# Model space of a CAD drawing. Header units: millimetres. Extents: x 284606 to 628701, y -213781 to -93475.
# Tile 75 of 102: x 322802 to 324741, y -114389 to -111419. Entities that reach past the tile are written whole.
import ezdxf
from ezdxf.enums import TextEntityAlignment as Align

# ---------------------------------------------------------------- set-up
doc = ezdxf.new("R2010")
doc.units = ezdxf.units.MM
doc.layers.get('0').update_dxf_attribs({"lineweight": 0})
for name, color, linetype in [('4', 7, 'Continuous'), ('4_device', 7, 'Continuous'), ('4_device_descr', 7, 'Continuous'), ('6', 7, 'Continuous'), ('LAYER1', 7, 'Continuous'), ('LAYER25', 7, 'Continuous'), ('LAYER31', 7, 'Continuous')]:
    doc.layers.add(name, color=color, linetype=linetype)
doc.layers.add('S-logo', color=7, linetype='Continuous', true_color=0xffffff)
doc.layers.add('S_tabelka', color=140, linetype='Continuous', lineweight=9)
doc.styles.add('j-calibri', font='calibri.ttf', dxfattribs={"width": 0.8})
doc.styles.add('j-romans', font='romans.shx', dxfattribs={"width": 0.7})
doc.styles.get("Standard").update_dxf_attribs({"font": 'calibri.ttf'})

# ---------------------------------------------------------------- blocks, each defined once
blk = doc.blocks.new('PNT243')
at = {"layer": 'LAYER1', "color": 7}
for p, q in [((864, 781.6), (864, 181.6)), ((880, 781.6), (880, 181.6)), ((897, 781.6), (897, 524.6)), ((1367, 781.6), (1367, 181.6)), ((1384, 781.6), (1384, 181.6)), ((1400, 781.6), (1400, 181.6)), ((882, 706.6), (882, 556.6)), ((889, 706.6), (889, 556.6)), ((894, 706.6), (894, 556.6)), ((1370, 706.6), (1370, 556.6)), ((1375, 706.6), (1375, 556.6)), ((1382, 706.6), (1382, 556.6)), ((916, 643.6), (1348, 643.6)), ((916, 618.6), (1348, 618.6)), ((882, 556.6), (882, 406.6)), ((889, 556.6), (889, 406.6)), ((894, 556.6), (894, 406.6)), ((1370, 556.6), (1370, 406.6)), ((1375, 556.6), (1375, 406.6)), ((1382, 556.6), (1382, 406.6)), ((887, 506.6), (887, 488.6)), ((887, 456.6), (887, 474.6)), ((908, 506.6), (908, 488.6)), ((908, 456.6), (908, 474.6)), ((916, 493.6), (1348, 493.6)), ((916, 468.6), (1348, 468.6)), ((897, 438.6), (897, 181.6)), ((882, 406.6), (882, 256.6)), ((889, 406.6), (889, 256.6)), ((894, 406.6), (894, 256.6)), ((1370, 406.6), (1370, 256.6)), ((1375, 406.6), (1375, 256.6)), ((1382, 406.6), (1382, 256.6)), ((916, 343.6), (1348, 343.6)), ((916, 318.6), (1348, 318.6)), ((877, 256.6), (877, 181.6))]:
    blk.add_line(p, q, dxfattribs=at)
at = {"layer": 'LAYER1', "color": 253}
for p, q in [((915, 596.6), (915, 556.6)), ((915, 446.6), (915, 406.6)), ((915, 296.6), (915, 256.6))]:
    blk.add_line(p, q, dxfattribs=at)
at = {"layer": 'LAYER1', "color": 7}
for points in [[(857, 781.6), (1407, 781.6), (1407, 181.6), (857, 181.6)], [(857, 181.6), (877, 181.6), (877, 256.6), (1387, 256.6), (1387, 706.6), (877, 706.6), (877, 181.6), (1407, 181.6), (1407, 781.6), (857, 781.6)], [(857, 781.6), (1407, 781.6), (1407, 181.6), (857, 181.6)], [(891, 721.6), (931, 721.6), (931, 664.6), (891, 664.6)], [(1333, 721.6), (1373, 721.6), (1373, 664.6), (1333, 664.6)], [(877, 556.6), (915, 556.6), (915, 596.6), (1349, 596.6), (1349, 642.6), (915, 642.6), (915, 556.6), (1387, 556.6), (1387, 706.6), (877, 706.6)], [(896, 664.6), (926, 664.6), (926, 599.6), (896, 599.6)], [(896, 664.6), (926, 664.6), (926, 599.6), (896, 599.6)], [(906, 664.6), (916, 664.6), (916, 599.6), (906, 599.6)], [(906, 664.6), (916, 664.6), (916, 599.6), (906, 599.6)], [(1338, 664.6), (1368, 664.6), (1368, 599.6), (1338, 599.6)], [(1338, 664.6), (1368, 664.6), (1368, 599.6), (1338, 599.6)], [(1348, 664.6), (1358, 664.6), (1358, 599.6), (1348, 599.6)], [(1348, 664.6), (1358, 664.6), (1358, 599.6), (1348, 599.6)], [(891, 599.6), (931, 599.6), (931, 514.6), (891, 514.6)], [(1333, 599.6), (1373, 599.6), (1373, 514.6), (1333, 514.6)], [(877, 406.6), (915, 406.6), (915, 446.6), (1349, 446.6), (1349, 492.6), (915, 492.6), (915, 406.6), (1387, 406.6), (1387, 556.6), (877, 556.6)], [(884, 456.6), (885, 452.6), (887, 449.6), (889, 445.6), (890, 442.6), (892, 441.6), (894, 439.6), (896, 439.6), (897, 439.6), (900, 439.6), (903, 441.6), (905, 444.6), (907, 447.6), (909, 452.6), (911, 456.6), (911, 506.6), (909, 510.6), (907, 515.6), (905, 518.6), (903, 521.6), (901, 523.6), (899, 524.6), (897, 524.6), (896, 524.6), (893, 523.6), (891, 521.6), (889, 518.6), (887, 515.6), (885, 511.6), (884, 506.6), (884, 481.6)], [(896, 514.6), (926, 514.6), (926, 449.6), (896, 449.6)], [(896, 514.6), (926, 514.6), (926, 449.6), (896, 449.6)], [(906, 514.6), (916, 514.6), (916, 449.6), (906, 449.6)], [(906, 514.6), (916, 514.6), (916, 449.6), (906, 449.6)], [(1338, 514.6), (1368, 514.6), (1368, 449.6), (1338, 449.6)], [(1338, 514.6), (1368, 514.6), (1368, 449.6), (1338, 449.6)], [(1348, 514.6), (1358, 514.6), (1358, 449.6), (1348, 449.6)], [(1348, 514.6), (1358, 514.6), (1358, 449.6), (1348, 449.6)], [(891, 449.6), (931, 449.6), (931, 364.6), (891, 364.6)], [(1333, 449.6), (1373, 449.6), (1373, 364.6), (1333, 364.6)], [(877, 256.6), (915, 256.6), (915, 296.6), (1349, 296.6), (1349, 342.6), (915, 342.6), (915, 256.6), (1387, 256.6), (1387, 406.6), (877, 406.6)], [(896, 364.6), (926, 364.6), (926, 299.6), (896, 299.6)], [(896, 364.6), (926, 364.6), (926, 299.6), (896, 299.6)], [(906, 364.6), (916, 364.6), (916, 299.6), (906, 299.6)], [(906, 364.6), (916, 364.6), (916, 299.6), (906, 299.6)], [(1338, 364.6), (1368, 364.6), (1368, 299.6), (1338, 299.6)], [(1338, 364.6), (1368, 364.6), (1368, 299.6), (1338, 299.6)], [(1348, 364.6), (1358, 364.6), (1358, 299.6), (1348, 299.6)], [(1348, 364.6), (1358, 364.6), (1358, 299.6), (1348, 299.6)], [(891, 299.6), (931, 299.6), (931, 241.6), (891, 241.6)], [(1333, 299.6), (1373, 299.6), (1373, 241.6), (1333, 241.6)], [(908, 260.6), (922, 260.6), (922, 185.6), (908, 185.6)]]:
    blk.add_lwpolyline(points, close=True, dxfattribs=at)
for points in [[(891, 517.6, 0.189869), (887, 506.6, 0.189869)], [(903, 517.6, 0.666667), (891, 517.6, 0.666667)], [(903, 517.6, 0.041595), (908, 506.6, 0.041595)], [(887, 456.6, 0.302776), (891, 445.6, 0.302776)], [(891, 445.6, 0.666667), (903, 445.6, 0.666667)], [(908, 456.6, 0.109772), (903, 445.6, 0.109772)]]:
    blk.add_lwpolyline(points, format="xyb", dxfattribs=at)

------------------------

### THE PROBLEM
Look through the entries above and report each line where the string "calibri" occurs.

### TASK RESPONSE
doc.styles.add('j-calibri', font='calibri.ttf', dxfattribs={"width": 0.8})
doc.styles.get("Standard").update_dxf_attribs({"font": 'calibri.ttf'})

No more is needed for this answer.